It could have been nothing as said above. This was not a "classic" trade as Walker was a FA. So instead of nothing we got some assets. 

Adios Wiggle Man!


----------



## banner17 (Jun 28, 2003)

at least the cash considerations will cover the contracts of the stiff and the stiff headed players we picked up. I highly doubt we keep Quintel once Danny's 'brain doctor' gets a look at him, so as stated before, he'll probably be cut. Plus I read somewhere in the article that for some reason, I guess its the trade exception, now we can make a trade without having to have salaries match up percentage wise.

We weren't going to re-sign Walker (which is unfortunate as I wanted to), so the reality is we scored a considerable net financial gain in this deal. For that I consider it a good deal.

I'm guessing Miami is going to go 'big' and try and play Antoine at the 3. That's an incredibly formidable front line having Shaq, Haslem and toine. The trio should average at least 25 rpg between them.


----------



## KJay (Sep 22, 2002)

so if Miami wins the title will Danny get a ring too?


----------



## #1AntoineWalkerFan (Mar 10, 2005)

Causeway said:


> ''It was not critical that we get something for Antoine, but it's good that we did," said Ainge. ''It's not a barn-burner, but we felt Antoine was going to end up in Miami regardless of whether we did a deal. So we got some draft picks and a trade exception.
> 
> ''The draft picks, you never know where they're going to be. They're assets. They're swings of the bat. The later they are, the fewer home runs that are hit, but nevertheless, they are assets that are tradable and things that can be thrown into another deal. And the trade exception is an asset."

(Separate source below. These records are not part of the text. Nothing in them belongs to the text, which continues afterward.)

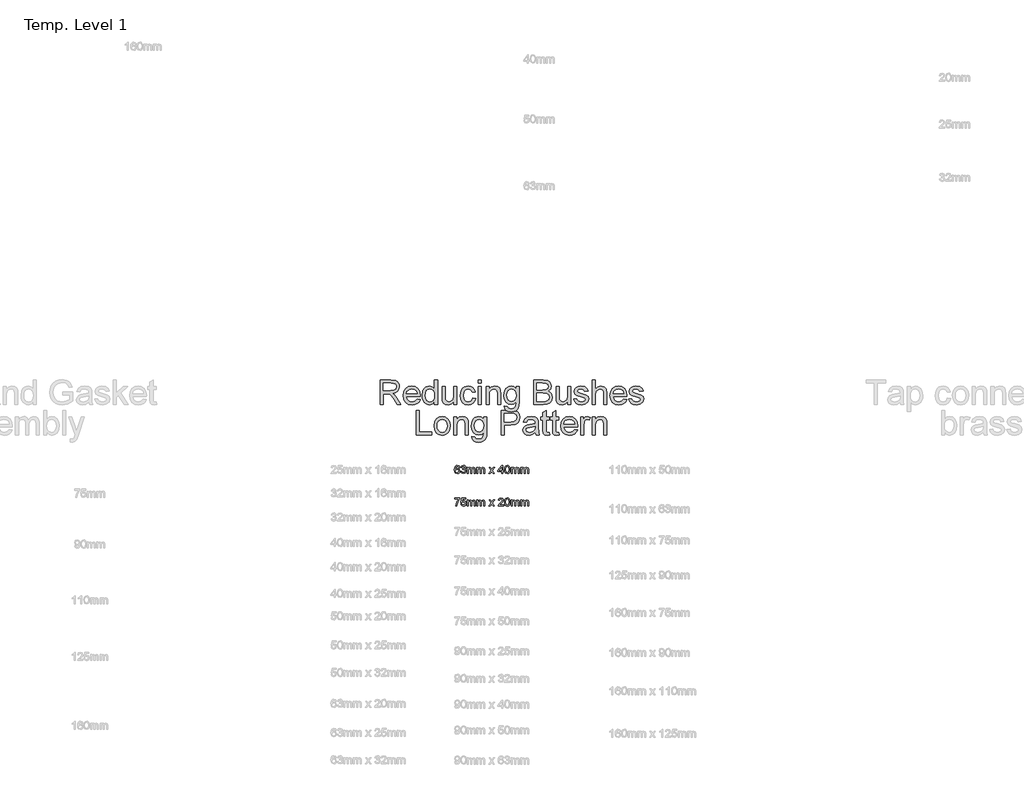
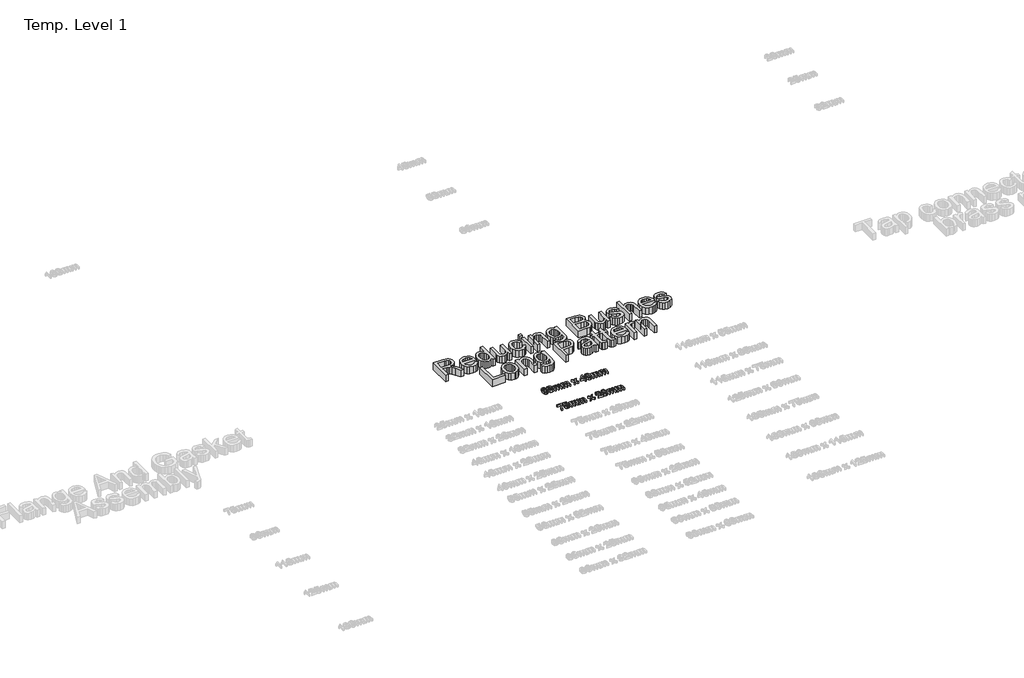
# One storey, part 47 of 62: 3 proxies.
"""IFC4 building model written with IfcOpenShell, lengths in millimetres."""

from ifc_helpers import new_model, si_unit, origin, origin_with_axes, place, context, project, spatial, polyline, outline, extrude, element, save

model = new_model("IFC4")

# Units and contexts
model_context = context("Model", 3, world=origin())
ifc_project = project(units=[si_unit("LENGTHUNIT", "METRE", prefix="MILLI")], contexts=[model_context])

# Site, building, storey
site = spatial("IfcSite", under=ifc_project)
building = spatial("IfcBuilding", under=site)
storey = spatial("IfcBuildingStorey", under=building, Name="Temp. Level 1", Elevation=0.0)

# Proxies
placement = place(None, origin())
element("IfcBuildingElementProxy", 1, Name="150mm Arial", ObjectType="150mm Arial", at=placement, inside=storey, context=model_context, shape_type="SweptSolid", body=[
    extrude(outline(polyline([(23633.4253288, -3979.0446709), (23633.4253288, -3831.3523632), (23697.0671558, -3831.3523632), (23726.6164346, -3835.3367382), (23735.7119875, -3840.8535651), (23742.7702808, -3849.4352959), (23747.3000284, -3860.0768223), (23748.8099442, -3871.7730362), (23746.3084418, -3886.3223151), (23738.8039346, -3898.3836132), (23726.071062, -3907.2267622), (23707.8844635, -3912.1215939), (23718.3772519, -3920.0182286), (23733.3411942, -3939.0206324), (23757.9685981, -3979.0446709), (23736.5142712, -3979.0446709), (23717.2955212, -3948.4316901), (23703.4133096, -3928.167267), (23693.6597038, -3918.5939497), (23684.8796558, -3915.0783247), (23674.1705212, -3914.4292862), (23651.8868673, -3914.4292862), (23651.8868673, -3979.0446709), (23633.4253288, -3979.0446709)]), holes=[polyline([(23651.8868673, -3895.9677478), (23693.2089827, -3895.9677478), (23714.2847038, -3893.3535651), (23726.2558577, -3884.9881805), (23730.3484058, -3872.4581324), (23728.3967832, -3863.4527237), (23722.5419154, -3856.1961132), (23712.4682976, -3851.4094545), (23697.860425, -3849.8139016), (23651.8868673, -3849.8139016), (23651.8868673, -3895.9677478)])]), origin_with_axes(), (0.0, 0.0, 1.0), 50.0),
    extrude(outline(polyline([(23854.7474442, -3946.7369786), (23872.8484058, -3949.0446709), (23866.3264707, -3962.683493), (23855.9193192, -3972.8788055), (23841.8613264, -3979.2339737), (23824.3868673, -3981.3523632), (23802.7252087, -3977.6970146), (23786.0575404, -3966.7309689), (23775.4295356, -3949.1663656), (23771.8868673, -3925.7153439), (23775.4655933, -3901.4755603), (23786.2017712, -3883.3475555), (23802.6440788, -3872.0434689), (23823.3411942, -3868.2754401), (23843.3937784, -3872.0344545), (23859.4169154, -3883.3114978), (23869.9232255, -3901.4034449), (23873.4253288, -3925.6071709), (23873.3171558, -3930.5831324), (23790.3484058, -3930.5831324), (23793.5440188, -3944.402243), (23800.9673962, -3954.5614978), (23811.681038, -3960.808493), (23824.7474442, -3962.8908247), (23842.8484058, -3959.0326516), (23854.7474442, -3946.7369786)]), holes=[polyline([(23790.3484058, -3912.1215939), (23854.9637904, -3912.1215939), (23852.4667952, -3902.3679882), (23847.5719635, -3895.3908247), (23836.8087423, -3888.9004401), (23823.2690788, -3886.7369786), (23810.8246678, -3888.4632406), (23800.5347038, -3893.6420266), (23793.3817591, -3901.7144425), (23790.3484058, -3912.1215939)])]), origin_with_axes(), (0.0, 0.0, 1.0), 50.0),
    extrude(outline(polyline([(23958.8099442, -3979.0446709), (23958.8099442, -3961.6288055), (23946.595401, -3976.4214737), (23929.7113865, -3981.3523632), (23917.7762904, -3979.5675074), (23906.8508096, -3974.2129401), (23897.6020115, -3965.6627598), (23890.6969635, -3954.2910651), (23886.3970837, -3940.5575915), (23884.9637904, -3924.9220747), (23890.2462423, -3895.5350555), (23896.8448, -3883.8794064), (23906.0755692, -3875.3066901), (23917.2399322, -3870.0332526), (23929.6392712, -3868.2754401), (23946.6585019, -3873.3054882), (23958.8099442, -3886.3764016), (23958.8099442, -3831.3523632), (23977.2714827, -3831.3523632), (23977.2714827, -3979.0446709), (23958.8099442, -3979.0446709)]), holes=[polyline([(23903.4253288, -3924.8499593), (23905.5076606, -3941.5491781), (23911.7546558, -3953.4256805), (23920.8321798, -3960.5245387), (23931.4060981, -3962.8908247), (23941.9755091, -3960.6327117), (23950.8231654, -3953.8583728), (23956.8132495, -3942.441606), (23958.8099442, -3926.2562093), (23956.7771918, -3908.5608968), (23950.6789346, -3896.292267), (23941.6059178, -3889.1258007), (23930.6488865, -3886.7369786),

As i rememebr it Ainge also once said something to the effect of..."Jiri Welsch was a big part of this deal. i would not have made the trade if jiri welsch wasnt involved. i had to fight to get jiri welsch"...well we all know how that worked out


as a side note im happy for toine he will get at least 1 ring if not 2 or 3 over the next 5 yrs


----------



## Truth34 (May 28, 2003)

Antoine will make $6.9 million next year. #1AWF, PAY ME. You owe me 4000 points, my friend.

As for the trade, Antoine was going to sign with them anyway for the MLE if necessary, so getting 2 second rounders, a trade exception, Borchardt and Mirelles is a steal if you look at it that way. He wasn't going to return, and we don't lose him for nothing.


----------



## -33- (Aug 6, 2002)

Any truth to the rumor that you're just gonna cut Qyntel when he comes to Boston? I'd like to have him back as our defensive stopper off the bench...


----------



## KJay (Sep 22, 2002)

SD, probably will the Celts have like 34 og/sf's right now


----------



## Causeway (May 18, 2005)

#1AntoineWalkerFan said:


> i really think danny just likes gettin white ppl to play for him...raef...jiri...scalabrine...borchardt....damn y cant he get a good one like dirk or steve nash???


I hope that's a joke.


----------



## Richie Rich (May 23, 2003)

ok for the last time...this wasnt a deal that was going to give us equal value...hell we may not have gotten anything had walker just walked and signed elsewhere cuz we would not give him that kind of money. so stop whining and realize WE GOT SOMETHING FOR NOTHING........and i wanted walker back, so this coming from me and not complaining is how others need to see it. we werent getting back what anyone expected all along and you shoulda known that 6 years 53 mil? heck ill take my chances with al for that kinda money and him obviously not settling for a 2 or 3 year deal...now stop whining everyone


----------



## #1AntoineWalkerFan (Mar 10, 2005)

Causeway said:


> I hope that's a joke.



it is dont worry lol


----------



## #1AntoineWalkerFan (Mar 10, 2005)

Truth34 said:


> Antoine will make $6.9 million next year. #1AWF, PAY ME. You owe me 4000 points, my friend.
> 
> As for the trade, Antoine was going to sign with them anyway for the MLE if necessary, so getting 2 second rounders, a trade exception, Borchardt and Mirelles is a steal if you look at it that way. He wasn't going to return, and we don't lose him for nothing.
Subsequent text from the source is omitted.